### WORK ITEM
Instruction for the entries that follow: retype exactly the lines from the line with "#483=CARTESIAN_POINT('',(5.499,7.143,0.0));" to the line with "#585=LINE('',#904,#905);", both included, and omit all others.

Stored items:
- - -

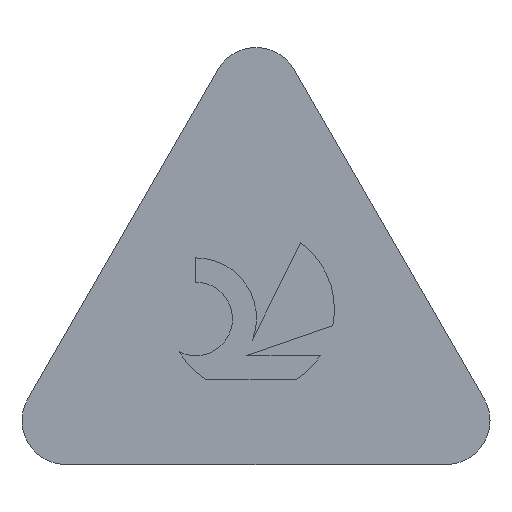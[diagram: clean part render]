
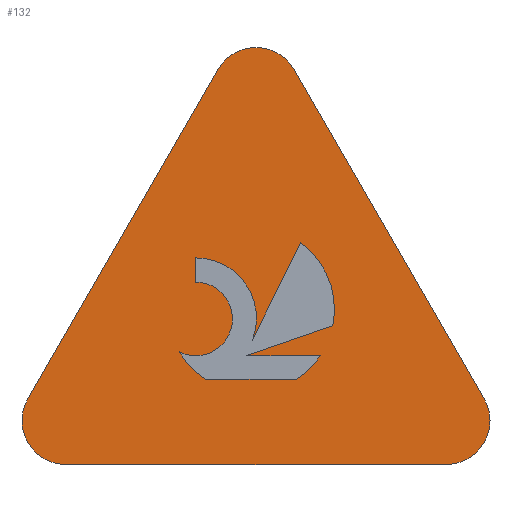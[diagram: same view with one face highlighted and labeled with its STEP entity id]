
A CAD part, top view. The second image highlights one B-rep face of the part: STEP entity #132.
In plain terms, the highlighted planar face has unit normal (0, 0, 1).
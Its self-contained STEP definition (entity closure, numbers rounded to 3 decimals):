
#130=EDGE_CURVE('',#172,#140,#358,.T.);
#132=ADVANCED_FACE('',(#360,#361),#362,.T.);
#134=EDGE_CURVE('',#332,#256,#364,.T.);
#140=VERTEX_POINT('',#370);
#152=VERTEX_POINT('',#385);
#158=VERTEX_POINT('',#391);
#166=VERTEX_POINT('',#401);
#168=EDGE_CURVE('',#182,#196,#403,.T.);
#172=VERTEX_POINT('',#407);
#182=VERTEX_POINT('',#418);
#188=EDGE_CURVE('',#220,#262,#424,.T.);
#196=VERTEX_POINT('',#434);
#204=VERTEX_POINT('',#442);
#218=EDGE_CURVE('',#256,#172,#457,.T.);
#220=VERTEX_POINT('',#459);
#226=EDGE_CURVE('',#242,#158,#466,.T.);
#234=VERTEX_POINT('',#475);
#236=EDGE_CURVE('',#234,#332,#477,.T.);
#242=VERTEX_POINT('',#483);
#256=VERTEX_POINT('',#500);
#262=VERTEX_POINT('',#506);
#266=EDGE_CURVE('',#274,#234,#510,.T.);
#274=VERTEX_POINT('',#520);
#280=VERTEX_POINT('',#526);
#282=EDGE_CURVE('',#158,#152,#528,.T.);
#286=EDGE_CURVE('',#196,#204,#532,.T.);
#290=EDGE_CURVE('',#166,#306,#536,.T.);
#296=EDGE_CURVE('',#262,#280,#542,.T.);
#302=EDGE_CURVE('',#306,#220,#548,.T.);
#306=VERTEX_POINT('',#553);
#312=EDGE_CURVE('',#140,#166,#560,.T.);
#322=EDGE_CURVE('',#152,#182,#570,.T.);
#332=VERTEX_POINT('',#581);
#336=EDGE_CURVE('',#204,#242,#585,.T.);
#338=EDGE_CURVE('',#280,#274,#587,.T.);
#358=CIRCLE('',#598,1.508);
#360=FACE_BOUND('',#600,.T.);
#361=FACE_OUTER_BOUND('',#601,.T.);
#362=PLANE('',#602);
#364=CIRCLE('',#605,1.096);
#370=CARTESIAN_POINT('',(6.2,2.509,0.0));
#385=CARTESIAN_POINT('',(0.688,1.191,0.0));
#391=CARTESIAN_POINT('',(4.124,7.143,0.0));
#401=CARTESIAN_POINT('',(4.645,1.969,0.0));
#403=LINE('',#651,#652);
#407=CARTESIAN_POINT('',(5.619,4.016,0.0));
#418=CARTESIAN_POINT('',(1.375,0.0,0.0));
#424=LINE('',#684,#685);
#434=CARTESIAN_POINT('',(8.248,0.0,0.0));
#442=CARTESIAN_POINT('',(8.936,1.191,0.0));
#457=LINE('',#733,#734);
#459=CARTESIAN_POINT('',(5.543,1.54,0.0));
#466=CIRCLE('',#744,0.794);
#475=CARTESIAN_POINT('',(3.716,3.299,0.0));
#477=LINE('',#758,#759);
#483=CARTESIAN_POINT('',(5.499,7.143,0.0));
#500=CARTESIAN_POINT('',(4.747,2.247,0.0));
#506=CARTESIAN_POINT('',(3.9,1.54,0.0));
#510=CIRCLE('',#800,0.666);
#520=CARTESIAN_POINT('',(4.018,3.228,0.0));
#526=CARTESIAN_POINT('',(3.423,2.038,0.0));
#528=LINE('',#821,#822);
#532=CIRCLE('',#829,0.794);
#536=LINE('',#836,#837);
#542=CIRCLE('',#847,1.508);
#548=CIRCLE('',#856,1.508);
#553=CARTESIAN_POINT('',(5.977,1.969,0.0));
#560=LINE('',#869,#870);
#570=CIRCLE('',#885,0.794);
#581=CARTESIAN_POINT('',(3.716,3.736,0.0));
#585=LINE('',#904,#905);
#587=CIRCLE('',#908,0.666);
#598=AXIS2_PLACEMENT_3D('',#913,#914,#915);
#600=EDGE_LOOP('',(#917,#918,#919,#920,#921,#922,#923,#924,#925,#926,#927));
#601=EDGE_LOOP('',(#928,#929,#930,#931,#932,#933));
#602=AXIS2_PLACEMENT_3D('',#934,#935,#936);
#605=AXIS2_PLACEMENT_3D('',#937,#938,#939);
#651=CARTESIAN_POINT('',(1.375,0.0,0.0));
#652=VECTOR('',#983,1.0);
#684=CARTESIAN_POINT('',(4.356,1.54,0.0));
#685=VECTOR('',#999,1.0);
#733=CARTESIAN_POINT('',(5.295,3.358,0.0));
#734=VECTOR('',#1036,1.0);
#744=AXIS2_PLACEMENT_3D('',#1052,#1053,#1054);
#758=CARTESIAN_POINT('',(3.716,3.257,0.0));
#759=VECTOR('',#1064,1.0);
#800=AXIS2_PLACEMENT_3D('',#1095,#1096,#1097);
#821=CARTESIAN_POINT('',(4.124,7.143,0.0));
#822=VECTOR('',#1119,1.0);
#829=AXIS2_PLACEMENT_3D('',#1121,#1122,#1123);
#836=CARTESIAN_POINT('',(5.394,1.969,0.0));
#837=VECTOR('',#1125,1.0);
#847=AXIS2_PLACEMENT_3D('',#1130,#1131,#1132);
#856=AXIS2_PLACEMENT_3D('',#1139,#1140,#1141);
#869=CARTESIAN_POINT('',(4.845,2.038,0.0));
#870=VECTOR('',#1158,1.0);
#885=AXIS2_PLACEMENT_3D('',#1161,#1162,#1163);
#904=CARTESIAN_POINT('',(8.936,1.191,0.0));
#905=VECTOR('',#1176,1.0);
#908=AXIS2_PLACEMENT_3D('',#1177,#1178,#1179);
#913=CARTESIAN_POINT('',(4.721,2.804,0.0));
#914=DIRECTION('',(0.0,-0.0,-1.0));
#915=DIRECTION('',(0.981,-0.196,0.0));
#917=ORIENTED_EDGE('',*,*,#236,.T.);
#918=ORIENTED_EDGE('',*,*,#134,.T.);
#919=ORIENTED_EDGE('',*,*,#218,.T.);
#920=ORIENTED_EDGE('',*,*,#130,.T.);
#921=ORIENTED_EDGE('',*,*,#312,.T.);
#922=ORIENTED_EDGE('',*,*,#290,.T.);
#923=ORIENTED_EDGE('',*,*,#302,.T.);
#924=ORIENTED_EDGE('',*,*,#188,.T.);
#925=ORIENTED_EDGE('',*,*,#296,.T.);
#926=ORIENTED_EDGE('',*,*,#338,.T.);
#927=ORIENTED_EDGE('',*,*,#266,.T.);
#928=ORIENTED_EDGE('',*,*,#168,.T.);
#929=ORIENTED_EDGE('',*,*,#286,.T.);
#930=ORIENTED_EDGE('',*,*,#336,.T.);
#931=ORIENTED_EDGE('',*,*,#226,.T.);
#932=ORIENTED_EDGE('',*,*,#282,.T.);
#933=ORIENTED_EDGE('',*,*,#322,.T.);
#934=CARTESIAN_POINT('',(4.812,2.778,0.0));
#935=DIRECTION('',(0.0,0.0,1.0));
#936=DIRECTION('',(1.0,0.0,0.0));
#937=CARTESIAN_POINT('',(3.725,2.641,0.0));
#938=DIRECTION('',(0.0,-0.0,-1.0));
#939=DIRECTION('',(0.933,-0.359,0.0));
#983=DIRECTION('',(1.0,0.0,0.0));
#999=DIRECTION('',(-1.0,0.0,0.0));
#1036=DIRECTION('',(0.442,0.897,-0.0));
#1052=CARTESIAN_POINT('',(4.812,6.746,0.0));
#1053=DIRECTION('',(0.0,-0.0,1.0));
#1054=DIRECTION('',(0.866,0.5,0.0));
#1064=DIRECTION('',(0.0,1.0,0.0));
#1095=CARTESIAN_POINT('',(3.72,2.633,0.0));
#1096=DIRECTION('',(0.0,0.0,1.0));
#1097=DIRECTION('',(-0.447,-0.894,0.0));
#1119=DIRECTION('',(-0.5,-0.866,0.0));
#1121=CARTESIAN_POINT('',(8.248,0.794,0.0));
#1122=DIRECTION('',(0.0,0.0,1.0));
#1123=DIRECTION('',(0.,-1.0,0.0));
#1125=DIRECTION('',(1.0,0.0,0.0));
#1130=CARTESIAN_POINT('',(4.721,2.804,0.0));
#1131=DIRECTION('',(-0.0,0.0,-1.0));
#1132=DIRECTION('',(-0.861,-0.508,0.0));
#1139=CARTESIAN_POINT('',(4.721,2.804,0.0));
#1140=DIRECTION('',(0.0,-0.0,-1.0));
#1141=DIRECTION('',(0.545,-0.838,0.0));
#1158=DIRECTION('',(-0.945,-0.328,0.0));
#1161=CARTESIAN_POINT('',(1.375,0.794,0.0));
#1162=DIRECTION('',(0.0,0.0,1.0));
#1163=DIRECTION('',(-0.866,0.5,0.0));
#1176=DIRECTION('',(-0.5,0.866,0.0));
#1177=CARTESIAN_POINT('',(3.72,2.633,0.0));
#1178=DIRECTION('',(0.0,0.0,1.0));
#1179=DIRECTION('',(-0.447,-0.894,0.0));

- - -

### ANSWER BOX
#483=CARTESIAN_POINT('',(5.499,7.143,0.0));
#500=CARTESIAN_POINT('',(4.747,2.247,0.0));
#506=CARTESIAN_POINT('',(3.9,1.54,0.0));
#510=CIRCLE('',#800,0.666);
#520=CARTESIAN_POINT('',(4.018,3.228,0.0));
#526=CARTESIAN_POINT('',(3.423,2.038,0.0));
#528=LINE('',#821,#822);
#532=CIRCLE('',#829,0.794);
#536=LINE('',#836,#837);
#542=CIRCLE('',#847,1.508);
#548=CIRCLE('',#856,1.508);
#553=CARTESIAN_POINT('',(5.977,1.969,0.0));
#560=LINE('',#869,#870);
#570=CIRCLE('',#885,0.794);
#581=CARTESIAN_POINT('',(3.716,3.736,0.0));
#585=LINE('',#904,#905);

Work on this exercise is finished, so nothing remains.